Below is a block of entries; repeat exactly the lines starting at the line that contains "#1290 = DIRECTION" and ending at the line that contains "#1591 = DIRECTION", both included.
== Segment start ==
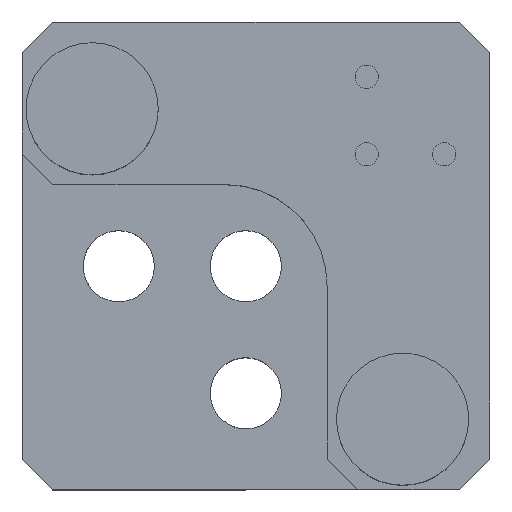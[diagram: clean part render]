
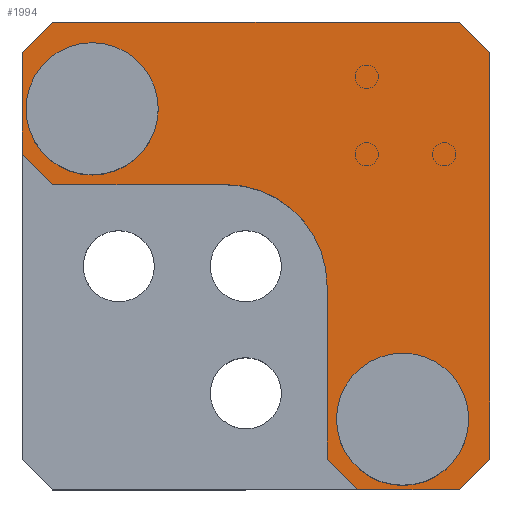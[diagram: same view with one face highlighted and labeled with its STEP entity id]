
A CAD part, top view. The second image highlights one B-rep face of the part: STEP entity #1994.
In plain terms, the highlighted planar face has unit normal (0, 0, -1).
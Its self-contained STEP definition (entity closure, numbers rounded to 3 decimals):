
#57 = VECTOR ( 'NONE', #2281, 1000. ) ;
#66 = VERTEX_POINT ( 'NONE', #904 ) ;
#67 = EDGE_CURVE ( 'NONE', #829, #632, #1660, .T. ) ;
#104 = VERTEX_POINT ( 'NONE', #1348 ) ;
#127 = CARTESIAN_POINT ( 'NONE',  ( -44.488, 23.276, 48.8 ) ) ;
#201 = CARTESIAN_POINT ( 'NONE',  ( -7.068, -15.844, 48.8 ) ) ;
#213 = CARTESIAN_POINT ( 'NONE',  ( 1.512, -19.724, 48.8 ) ) ;
#221 = EDGE_CURVE ( 'NONE', #774, #507, #2237, .T. ) ;
#275 = AXIS2_PLACEMENT_3D ( 'NONE', #565, #1806, #579 ) ;
#279 = DIRECTION ( 'NONE',  ( -1., 0., 0. ) ) ;
#280 = CARTESIAN_POINT ( 'NONE',  ( -14.488, -22.724, 48.8 ) ) ;
#306 = DIRECTION ( 'NONE',  ( 1., 0., 0. ) ) ;
#340 = CARTESIAN_POINT ( 'NONE',  ( -14.488, -2.724, 48.8 ) ) ;
#358 = LINE ( 'NONE', #2143, #764 ) ;
#376 = CARTESIAN_POINT ( 'NONE',  ( -9.948, -15.844, 48.8 ) ) ;
#378 = CARTESIAN_POINT ( 'NONE',  ( -24.488, 7.276, 48.8 ) ) ;
#392 = VERTEX_POINT ( 'NONE', #488 ) ;
#394 = ORIENTED_EDGE ( 'NONE', *, *, #821, .F. ) ;
#407 = DIRECTION ( 'NONE',  ( 0.707, -0.707, 0. ) ) ;
#408 = CIRCLE ( 'NONE', #2111, 2.88 ) ;
#432 = EDGE_CURVE ( 'NONE', #1020, #774, #1934, .T. ) ;
#463 = VECTOR ( 'NONE', #1290, 1000. ) ;
#477 = VERTEX_POINT ( 'NONE', #703 ) ;
#483 = DIRECTION ( 'NONE',  ( 0., 0., -1. ) ) ;
#488 = CARTESIAN_POINT ( 'NONE',  ( -1.488, -22.724, 48.8 ) ) ;
#507 = VERTEX_POINT ( 'NONE', #1416 ) ;
#509 = DIRECTION ( 'NONE',  ( 0., 1., 0. ) ) ;
#543 = DIRECTION ( 'NONE',  ( -1., 0., 0. ) ) ;
#544 = DIRECTION ( 'NONE',  ( -0.707, 0.707, 0. ) ) ;
#548 = LINE ( 'NONE', #862, #57 ) ;
#565 = CARTESIAN_POINT ( 'NONE',  ( -37.608, 14.696, 48.8 ) ) ;
#566 = PLANE ( 'NONE',  #1614 ) ;
#572 = CARTESIAN_POINT ( 'NONE',  ( -14.488, -19.724, 48.8 ) ) ;
#579 = DIRECTION ( 'NONE',  ( -1., 0., 0. ) ) ;
#589 = ORIENTED_EDGE ( 'NONE', *, *, #1040, .F. ) ;
#622 = CARTESIAN_POINT ( 'NONE',  ( -40.488, 14.696, 48.8 ) ) ;
#632 = VERTEX_POINT ( 'NONE', #1611 ) ;
#648 = ORIENTED_EDGE ( 'NONE', *, *, #1166, .F. ) ;
#650 = CARTESIAN_POINT ( 'NONE',  ( -24.488, 7.276, 48.8 ) ) ;
#652 = DIRECTION ( 'NONE',  ( -1., 0., 0. ) ) ;
#666 = ORIENTED_EDGE ( 'NONE', *, *, #221, .F. ) ;
#668 = VERTEX_POINT ( 'NONE', #1156 ) ;
#692 = DIRECTION ( 'NONE',  ( 0., -1., 0. ) ) ;
#703 = CARTESIAN_POINT ( 'NONE',  ( -44.488, 10.276, 48.8 ) ) ;
#717 = VERTEX_POINT ( 'NONE', #971 ) ;
#745 = CIRCLE ( 'NONE', #275, 2.88 ) ;
#749 = DIRECTION ( 'NONE',  ( 0., 0., -1. ) ) ;
#764 = VECTOR ( 'NONE', #407, 1000. ) ;
#768 = FACE_BOUND ( 'NONE', #1477, .T. ) ;
#774 = VERTEX_POINT ( 'NONE', #1276 ) ;
#786 = CARTESIAN_POINT ( 'NONE',  ( -41.488, 7.276, 48.8 ) ) ;
#799 = CARTESIAN_POINT ( 'NONE',  ( -7.068, -15.844, 48.8 ) ) ;
#808 = ORIENTED_EDGE ( 'NONE', *, *, #67, .F. ) ;
#821 = EDGE_CURVE ( 'NONE', #717, #477, #2265, .T. ) ;
#829 = VERTEX_POINT ( 'NONE', #622 ) ;
#862 = CARTESIAN_POINT ( 'NONE',  ( 1.512, -22.724, 48.8 ) ) ;
#883 = VECTOR ( 'NONE', #544, 1000. ) ;
#904 = CARTESIAN_POINT ( 'NONE',  ( -4.188, -15.844, 48.8 ) ) ;
#906 = LINE ( 'NONE', #280, #2102 ) ;
#913 = DIRECTION ( 'NONE',  ( 0., 0., 1. ) ) ;
#926 = LINE ( 'NONE', #1018, #463 ) ;
#938 = VERTEX_POINT ( 'NONE', #378 ) ;
#971 = CARTESIAN_POINT ( 'NONE',  ( -44.488, 20.276, 48.8 ) ) ;
#992 = EDGE_CURVE ( 'NONE', #392, #668, #1296, .T. ) ;
#1018 = CARTESIAN_POINT ( 'NONE',  ( -11.488, -22.724, 48.8 ) ) ;
#1020 = VERTEX_POINT ( 'NONE', #1777 ) ;
#1040 = EDGE_CURVE ( 'NONE', #477, #1938, #358, .T. ) ;
#1057 = AXIS2_PLACEMENT_3D ( 'NONE', #1260, #749, #1990 ) ;
#1076 = ORIENTED_EDGE ( 'NONE', *, *, #2002, .F. ) ;
#1095 = DIRECTION ( 'NONE',  ( 1., 0., 0. ) ) ;
#1121 = VECTOR ( 'NONE', #1427, 1000. ) ;
#1134 = VERTEX_POINT ( 'NONE', #340 ) ;
#1147 = EDGE_CURVE ( 'NONE', #66, #2224, #408, .T. ) ;
#1156 = CARTESIAN_POINT ( 'NONE',  ( 1.512, -19.724, 48.8 ) ) ;
#1163 = CARTESIAN_POINT ( 'NONE',  ( -24.488, -2.724, 48.8 ) ) ;
#1166 = EDGE_CURVE ( 'NONE', #104, #392, #548, .T. ) ;
#1174 = DIRECTION ( 'NONE',  ( 0., 0., -1. ) ) ;
#1249 = ORIENTED_EDGE ( 'NONE', *, *, #1147, .F. ) ;
#1260 = CARTESIAN_POINT ( 'NONE',  ( -37.608, 14.696, 48.8 ) ) ;
#1270 = VECTOR ( 'NONE', #306, 1000. ) ;
#1276 = CARTESIAN_POINT ( 'NONE',  ( -1.488, 23.276, 48.8 ) ) ;
#1290 = DIRECTION ( 'NONE',  ( 0.707, -0.707, 0. ) ) ;
#1296 = LINE ( 'NONE', #213, #1121 ) ;
#1297 = EDGE_CURVE ( 'NONE', #2029, #104, #926, .T. ) ;
#1309 = ORIENTED_EDGE ( 'NONE', *, *, #1328, .F. ) ;
#1328 = EDGE_CURVE ( 'NONE', #2224, #66, #1713, .T. ) ;
#1348 = CARTESIAN_POINT ( 'NONE',  ( -11.488, -22.724, 48.8 ) ) ;
#1364 = ORIENTED_EDGE ( 'NONE', *, *, #2166, .F. ) ;
#1414 = EDGE_CURVE ( 'NONE', #668, #1020, #1519, .T. ) ;
#1416 = CARTESIAN_POINT ( 'NONE',  ( -41.488, 23.276, 48.8 ) ) ;
#1427 = DIRECTION ( 'NONE',  ( 0.707, 0.707, 0. ) ) ;
#1450 = CARTESIAN_POINT ( 'NONE',  ( -24.488, -2.724, 48.8 ) ) ;
#1477 = EDGE_LOOP ( 'NONE', ( #808, #2216 ) ) ;
#1487 = VECTOR ( 'NONE', #2210, 1000. ) ;
#1503 = ORIENTED_EDGE ( 'NONE', *, *, #2005, .F. ) ;
#1519 = LINE ( 'NONE', #1737, #2261 ) ;
#1530 = LINE ( 'NONE', #2209, #1802 ) ;
#1533 = EDGE_LOOP ( 'NONE', ( #1309, #1249 ) ) ;
#1591 = DIRECTION ( 'NONE',  ( 0., 0., -1. ) ) ;
#1592 = AXIS2_PLACEMENT_3D ( 'NONE', #1163, #483, #1889 ) ;
#1611 = CARTESIAN_POINT ( 'NONE',  ( -34.728, 14.696, 48.8 ) ) ;
#1614 = AXIS2_PLACEMENT_3D ( 'NONE', #1450, #913, #1095 ) ;
#1630 = VECTOR ( 'NONE', #279, 1000. ) ;
#1643 = CARTESIAN_POINT ( 'NONE',  ( -44.488, 7.276, 48.8 ) ) ;
#1660 = CIRCLE ( 'NONE', #1057, 2.88 ) ;
#1662 = FACE_BOUND ( 'NONE', #1533, .T. ) ;
#1681 = EDGE_CURVE ( 'NONE', #938, #1134, #1870, .T. ) ;
#1688 = AXIS2_PLACEMENT_3D ( 'NONE', #799, #1174, #652 ) ;
#1713 = CIRCLE ( 'NONE', #1688, 2.88 ) ;
#1737 = CARTESIAN_POINT ( 'NONE',  ( 1.512, 23.276, 48.8 ) ) ;
#1755 = CARTESIAN_POINT ( 'NONE',  ( -1.488, 23.276, 48.8 ) ) ;
#1777 = CARTESIAN_POINT ( 'NONE',  ( 1.512, 20.276, 48.8 ) ) ;
#1802 = VECTOR ( 'NONE', #2024, 1000. ) ;
#1806 = DIRECTION ( 'NONE',  ( 0., 0., -1. ) ) ;
#1809 = ORIENTED_EDGE ( 'NONE', *, *, #432, .F. ) ;
#1870 = CIRCLE ( 'NONE', #1592, 10. ) ;
#1889 = DIRECTION ( 'NONE',  ( -1., 0., 0. ) ) ;
#1891 = ORIENTED_EDGE ( 'NONE', *, *, #1681, .F. ) ;
#1922 = ORIENTED_EDGE ( 'NONE', *, *, #1297, .F. ) ;
#1934 = LINE ( 'NONE', #1755, #883 ) ;
#1938 = VERTEX_POINT ( 'NONE', #786 ) ;
#1990 = DIRECTION ( 'NONE',  ( -1., 0., 0. ) ) ;
#1994 = ADVANCED_FACE ( 'NONE', ( #2125, #768, #1662 ), #566, .F. ) ;
#2002 = EDGE_CURVE ( 'NONE', #507, #717, #1530, .T. ) ;
#2005 = EDGE_CURVE ( 'NONE', #1134, #2029, #906, .T. ) ;
#2024 = DIRECTION ( 'NONE',  ( -0.707, -0.707, 0. ) ) ;
#2029 = VERTEX_POINT ( 'NONE', #572 ) ;
#2051 = LINE ( 'NONE', #650, #1270 ) ;
#2102 = VECTOR ( 'NONE', #692, 1000. ) ;
#2111 = AXIS2_PLACEMENT_3D ( 'NONE', #201, #1591, #543 ) ;
#2117 = EDGE_CURVE ( 'NONE', #632, #829, #745, .T. ) ;
#2125 = FACE_OUTER_BOUND ( 'NONE', #2195, .T. ) ;
#2143 = CARTESIAN_POINT ( 'NONE',  ( -41.488, 7.276, 48.8 ) ) ;
#2166 = EDGE_CURVE ( 'NONE', #1938, #938, #2051, .T. ) ;
#2193 = ORIENTED_EDGE ( 'NONE', *, *, #992, .F. ) ;
#2195 = EDGE_LOOP ( 'NONE', ( #1503, #1891, #1364, #589, #394, #1076, #666, #1809, #2282, #2193, #648, #1922 ) ) ;
#2209 = CARTESIAN_POINT ( 'NONE',  ( -44.488, 20.276, 48.8 ) ) ;
#2210 = DIRECTION ( 'NONE',  ( 0., -1., 0. ) ) ;
#2216 = ORIENTED_EDGE ( 'NONE', *, *, #2117, .F. ) ;
#2224 = VERTEX_POINT ( 'NONE', #376 ) ;
#2237 = LINE ( 'NONE', #127, #1630 ) ;
#2261 = VECTOR ( 'NONE', #509, 1000. ) ;
#2265 = LINE ( 'NONE', #1643, #1487 ) ;
#2281 = DIRECTION ( 'NONE',  ( 1., 0., 0. ) ) ;
#2282 = ORIENTED_EDGE ( 'NONE', *, *, #1414, .F. ) ;
== Segment end ==
*Result*
#1290 = DIRECTION ( 'NONE',  ( 0.707, -0.707, 0. ) ) ;
#1296 = LINE ( 'NONE', #213, #1121 ) ;
#1297 = EDGE_CURVE ( 'NONE', #2029, #104, #926, .T. ) ;
#1309 = ORIENTED_EDGE ( 'NONE', *, *, #1328, .F. ) ;
#1328 = EDGE_CURVE ( 'NONE', #2224, #66, #1713, .T. ) ;
#1348 = CARTESIAN_POINT ( 'NONE',  ( -11.488, -22.724, 48.8 ) ) ;
#1364 = ORIENTED_EDGE ( 'NONE', *, *, #2166, .F. ) ;
#1414 = EDGE_CURVE ( 'NONE', #668, #1020, #1519, .T. ) ;
#1416 = CARTESIAN_POINT ( 'NONE',  ( -41.488, 23.276, 48.8 ) ) ;
#1427 = DIRECTION ( 'NONE',  ( 0.707, 0.707, 0. ) ) ;
#1450 = CARTESIAN_POINT ( 'NONE',  ( -24.488, -2.724, 48.8 ) ) ;
#1477 = EDGE_LOOP ( 'NONE', ( #808, #2216 ) ) ;
#1487 = VECTOR ( 'NONE', #2210, 1000. ) ;
#1503 = ORIENTED_EDGE ( 'NONE', *, *, #2005, .F. ) ;
#1519 = LINE ( 'NONE', #1737, #2261 ) ;
#1530 = LINE ( 'NONE', #2209, #1802 ) ;
#1533 = EDGE_LOOP ( 'NONE', ( #1309, #1249 ) ) ;
#1591 = DIRECTION ( 'NONE',  ( 0., 0., -1. ) ) ;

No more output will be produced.